There are also significant risks and side effects associated with RRSO that merit consideration, primarily related to premature menopause. Surgical complications are low with an intraoperative complication rate of 1.3% and post-operative complication rate of 3.1%, conversion rate of 0.6%, and median hospital stay of 1 day in a study of 159 women (17). Menopausal symptoms include hot flushes, vaginal dryness, and sexual dysfunction. Higher levels of sexual dysfunction and urogenital symptoms have been described (18), although fatigue and overall quality of life have been shown to be unaffected by RRSO (19,20). The use of hormone replacement therapy (HRT) in the first year after RRSO has been shown to minimise endocrine and sexual symptoms (21), although in the context of breast cancer, this would not be universally recommended. It is not clear from the current study what proportion of women undergoing RRSO received HRT.

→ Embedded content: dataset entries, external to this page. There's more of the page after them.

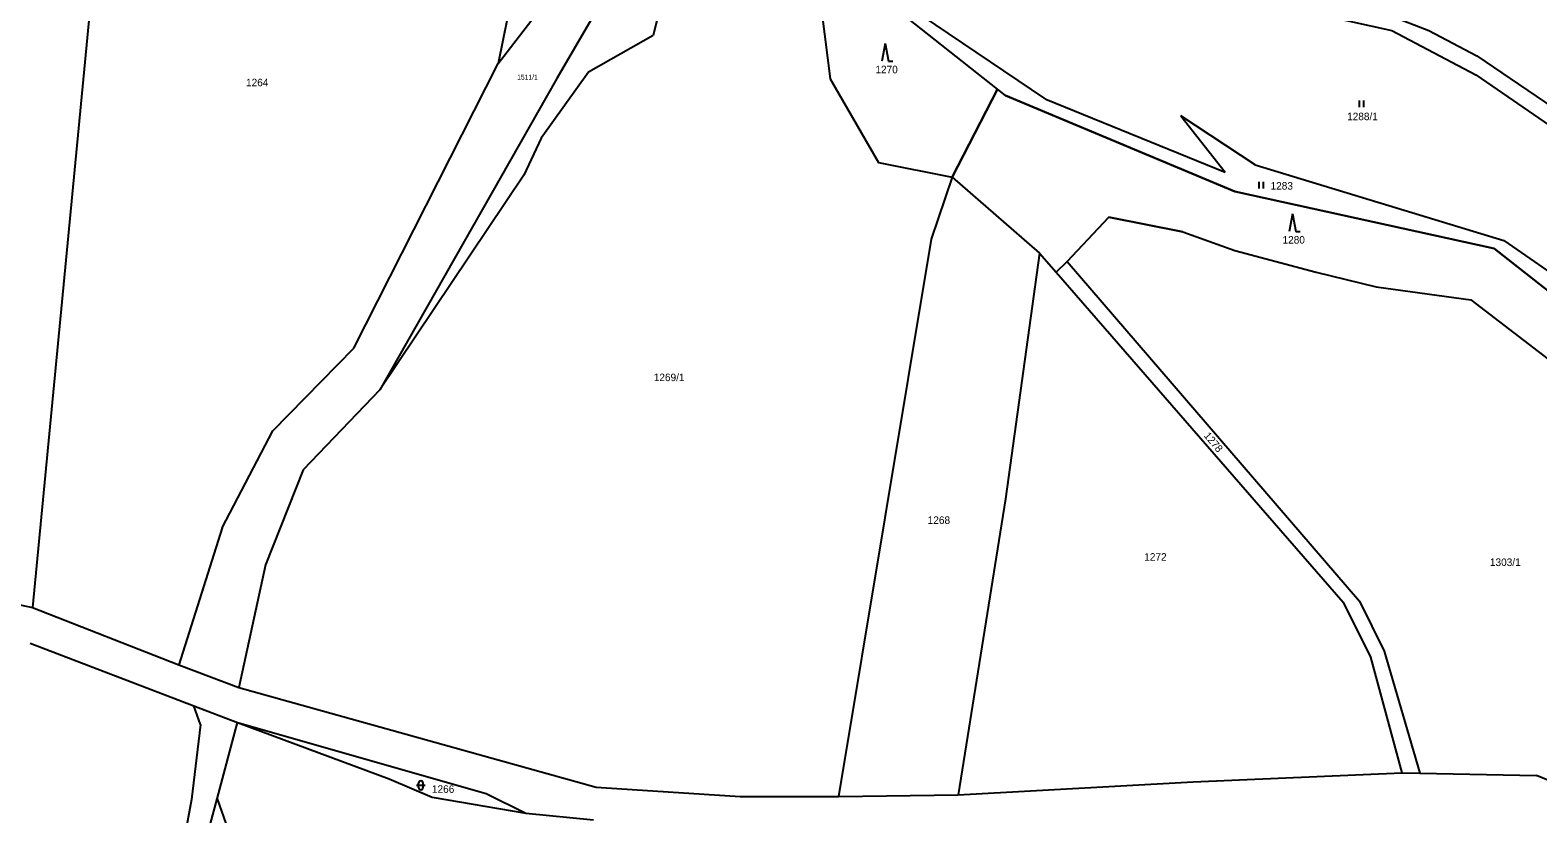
# Model space of a CAD drawing. Extents: x -760642 to -757221, y -1092371 to -1088855.
# Drawn here: x -759213 to -758872.5, y -1091585.2 to -1091408.1 of the extents above; entities that cross this region are included whole.
import ezdxf

# ---------------------------------------------------------------- set-up
doc = ezdxf.new("R2010")
doc.units = 0
for name, color, linetype in [('Vrstva 1', 7, 'Continuous'), ('Vrstva 18', 7, 'Continuous'), ('Vrstva 25', 7, 'Continuous'), ('Vrstva 30', 7, 'Continuous')]:
    doc.layers.add(name, color=color, linetype=linetype)

msp = doc.modelspace()

# ---------------------------------------------------------------- linework, layer by layer
at = {"layer": 'Vrstva 1'}
for p, q in [((-759195.54, -1091362.4), (-759212.45, -1091538.54)), ((-759071.48, -1091380.29), (-759094.05, -1091419.03)), ((-759065.08, -1091379.29), (-759072.26, -1091409.34)), ((-759107.31, -1091415.63), (-759088.88, -1091391.57)), ((-758994.53, -1091421.46), (-759033.32, -1091390.76)), ((-759102.73, -1091393.05), (-759107.31, -1091415.63)), ((-758983.6, -1091423.73), (-759022.6, -1091397.37)), ((-759034.19, -1091404.31), (-759032.3, -1091419.1)), ((-758925.9, -1091403.68), (-758905.47, -1091408.19)), ((-758906.01, -1091404.76), (-758897.1, -1091408.22)), ((-758905.47, -1091408.19), (-758886.45, -1091418.22)), ((-758897.1, -1091408.22), (-758886.25, -1091413.92)), ((-759072.26, -1091409.34), (-759086.89, -1091417.6)), ((-759139.89, -1091479.95), (-759107.31, -1091415.63)), ((-758886.25, -1091413.92), (-758865.29, -1091428.18)), ((-759094.05, -1091419.03), (-759134.03, -1091489.38)), ((-759086.89, -1091417.6), (-759097.55, -1091432.53)), ((-759032.3, -1091419.1), (-759021.37, -1091438)), ((-758886.45, -1091418.22), (-758868.64, -1091430.48)), ((-759004.76, -1091441.33), (-758994.53, -1091421.46)), ((-758992.67, -1091422.93), (-758994.53, -1091421.46)), ((-758992.67, -1091422.93), (-758940.91, -1091444.56)), ((-758983.6, -1091423.73), (-758943.12, -1091440.2)), ((-758953.11, -1091427.52), (-758943.12, -1091440.2)), ((-758936.35, -1091438.54), (-758953.11, -1091427.52)), ((-759097.55, -1091432.53), (-759101.48, -1091440.86)), ((-759021.37, -1091438), (-759004.76, -1091441.33)), ((-758936.35, -1091438.54), (-758880.16, -1091455.67)), ((-759101.48, -1091440.86), (-759134.03, -1091489.38)), ((-759004.76, -1091441.33), (-759009.52, -1091455.35)), ((-759004.76, -1091441.33), (-758985.05, -1091458.48)), ((-758940.91, -1091444.56), (-758882.3, -1091457.47)), ((-758978.8, -1091460.38), (-758969.33, -1091450.37)), ((-758952.63, -1091453.68), (-758969.33, -1091450.37)), ((-759009.52, -1091455.35), (-759030.43, -1091581.29)), ((-758952.63, -1091453.68), (-758940.88, -1091457.9)), ((-758880.16, -1091455.67), (-758833.58, -1091488.02)), ((-758985.05, -1091458.48), (-758992.74, -1091514.02)), ((-758985.05, -1091458.48), (-758981.25, -1091462.8)), ((-758940.88, -1091457.9), (-758922.53, -1091462.8)), ((-758882.3, -1091457.47), (-758836.43, -1091493.56)), ((-758981.25, -1091462.8), (-758978.8, -1091460.38)), ((-758981.25, -1091462.8), (-758916.42, -1091537.37)), ((-758978.8, -1091460.38), (-758912.74, -1091537.13)), ((-758922.53, -1091462.8), (-758908.98, -1091466.1)), ((-758908.98, -1091466.1), (-758887.62, -1091469.02)), ((-758887.62, -1091469.02), (-758865.92, -1091485.73)), ((-759158.16, -1091498.63), (-759139.89, -1091479.95)), ((-759134.03, -1091489.38), (-759151.37, -1091507.47)), ((-759169.64, -1091520.59), (-759158.16, -1091498.63)), ((-759151.37, -1091507.47), (-759159.86, -1091528.89)), ((-759355.96, -1091508.53), (-759212.45, -1091538.54)), ((-758992.74, -1091514.02), (-759003.41, -1091580.89)), ((-759169.64, -1091520.59), (-759179.43, -1091551.52)), ((-759159.86, -1091528.89), (-759165.86, -1091556.61)), ((-758916.42, -1091537.37), (-758910.26, -1091549.78)), ((-758912.74, -1091537.13), (-758907.2, -1091548.45)), ((-759212.45, -1091538.54), (-759179.43, -1091551.52)), ((-759213.03, -1091546.61), (-759176.04, -1091560.8)), ((-758907.2, -1091548.45), (-758899.13, -1091576.01)), ((-759179.43, -1091551.52), (-759165.86, -1091556.61)), ((-758910.26, -1091549.78), (-758903.15, -1091575.93)), ((-759165.86, -1091556.61), (-759085.18, -1091579.14)), ((-759176.04, -1091560.8), (-759166.19, -1091564.54)), ((-759174.51, -1091564.97), (-759176.04, -1091560.8)), ((-759174.51, -1091564.97), (-759176.55, -1091581.93)), ((-759170.74, -1091581.78), (-759166.19, -1091564.54)), ((-759166.19, -1091564.54), (-759110.03, -1091580.58)), ((-759166.19, -1091564.54), (-759131.92, -1091577.28)), ((-759131.92, -1091577.28), (-759122.22, -1091581.41)), ((-759085.18, -1091579.14), (-759052.66, -1091581.28)), ((-759003.41, -1091580.89), (-758950.32, -1091577.95)), ((-758950.32, -1091577.95), (-758903.15, -1091575.93)), ((-758903.15, -1091575.93), (-758899.13, -1091576.01)), ((-758899.13, -1091576.01), (-758872.79, -1091576.55)), ((-758865.61, -1091579.44), (-758872.79, -1091576.55)), ((-759176.55, -1091581.93), (-759178.92, -1091594.54)), ((-759174.11, -1091594.26), (-759170.74, -1091581.78)), ((-759170.74, -1091581.78), (-759166.06, -1091595.03)), ((-759122.22, -1091581.41), (-759101.04, -1091585.03)), ((-759110.03, -1091580.58), (-759101.04, -1091585.03)), ((-759052.66, -1091581.28), (-759030.43, -1091581.29)), ((-759030.43, -1091581.29), (-759003.41, -1091580.89)), ((-759101.04, -1091585.03), (-759085.76, -1091586.53))]:
    msp.add_line(p, q, dxfattribs=at)
at = {"layer": 'Vrstva 25'}
for p, q in [((-759019.872, -1091411.159), (-759020.605, -1091415.159)), ((-759019.872, -1091411.159), (-759019.139, -1091415.159)), ((-759019.139, -1091415.159), (-759018.139, -1091415.159)), ((-758912.827, -1091424.035), (-758912.827, -1091425.535)), ((-758911.805, -1091425.535), (-758911.805, -1091424.035)), ((-758935.457, -1091442.415), (-758935.457, -1091443.915)), ((-758934.435, -1091443.915), (-758934.435, -1091442.415)), ((-758927.872, -1091449.639), (-758928.605, -1091453.639)), ((-758927.872, -1091449.639), (-758927.139, -1091453.639)), ((-758927.139, -1091453.639), (-758926.139, -1091453.639)), ((-759125.77, -1091578.72), (-759123.77, -1091578.72)), ((-759125.27, -1091579.22), (-759125.27, -1091578.22)), ((-759124.27, -1091579.22), (-759124.27, -1091578.22))]:
    msp.add_line(p, q, dxfattribs=at)
for centre, start, end in [((-759124.77, -1091578.22), 0, 180), ((-759124.77, -1091579.22), 180, 0)]:
    msp.add_arc(centre, 0.5, start, end, dxfattribs=at)
at = {"layer": 'Vrstva 30'}
for points in [[(-759004.76, -1091441.33), (-758994.53, -1091421.46), (-759033.32, -1091390.76), (-759070.89, -1091367.57), (-759065.08, -1091379.29), (-759049.93, -1091387.73), (-759034.19, -1091404.31), (-759032.3, -1091419.1), (-759021.37, -1091438), (-759004.76, -1091441.33)], [(-759004.76, -1091441.33), (-758985.05, -1091458.48), (-758981.25, -1091462.8), (-758978.8, -1091460.38), (-758969.33, -1091450.37), (-758952.63, -1091453.68), (-758940.88, -1091457.9), (-758922.53, -1091462.8), (-758908.98, -1091466.1), (-758887.62, -1091469.02), (-758865.92, -1091485.73), (-758847.93, -1091504.47), (-758837.06, -1091508.57), (-758835.49, -1091508.97), (-758831.8, -1091496.02), (-758836.43, -1091493.56), (-758882.3, -1091457.47), (-758940.91, -1091444.56), (-758992.67, -1091422.93), (-758994.53, -1091421.46), (-759004.76, -1091441.33)]]:
    msp.add_lwpolyline(points, dxfattribs=at)

# ---------------------------------------------------------------- texts
at = {"layer": 'Vrstva 18'}
for s, height, p in [('1264', 1.7, (-759164.25, -1091420.81)), ('1511/1', 1.1, (-759102.998, -1091419.3)), ('1270', 1.7, (-759022.09, -1091417.87)), ('1288/1', 1.7, (-758915.55, -1091428.47)), ('1283', 1.7, (-758932.84, -1091444.15)), ('1280', 1.7, (-758930.138, -1091456.35)), ('1269/1', 1.7, (-759072.15, -1091487.42)), ('1268', 1.7, (-759010.28, -1091519.68)), ('1272', 1.7, (-758961.37, -1091527.99)), ('1303/1', 1.7, (-758883.29, -1091529.18)), ('1266', 1.7, (-759122.26, -1091580.43))]:
    msp.add_text(s, height=height, dxfattribs=at).set_placement(p)
msp.add_text('1278', height=1.7, rotation=309.9159, dxfattribs=at).set_placement((-758948.01, -1091499.8))

doc.saveas('drawing.dxf')

Early surgical menopause is also associated with osteoporosis, cardiovascular disease, and dementia (22). This is especially relevant to this cohort of women for whom the median age at RRSO was 39.7 years, as the risk of cardiovascular disease is significantly increased in women who undergo RRSO under 50 years, and cardiovascular-related mortality is higher if performed in women who undergo RRSO under 45 years (23). Women undergoing RRSO under 45 years are at increased risk of osteopenia, osteoporosis, and fracture (24), which can occur remarkably quickly; the mean time from RRSO to osteopenia or osteoporosis has been reported to be as short as 29 months (22). Fragility fractures are associated with significant morbidity and mortality, and risk can be reduced with administration of bisphosphonates or monoclonal antibodies such as denosumab (25). It is not clear if the women in the RRSO group received counselling or plans for monitoring for cardiovascular or bone health. It has been described that while the majority of female BRCA1/2-heterozygotes post-RRSO qualify for dual-energy X-ray absorptiometry (DEXA) scanning, less than half receive one (22). Overall, more long-term survival in the RRSO group may be affected by higher fracture and myocardial infarction rates after age 55 years.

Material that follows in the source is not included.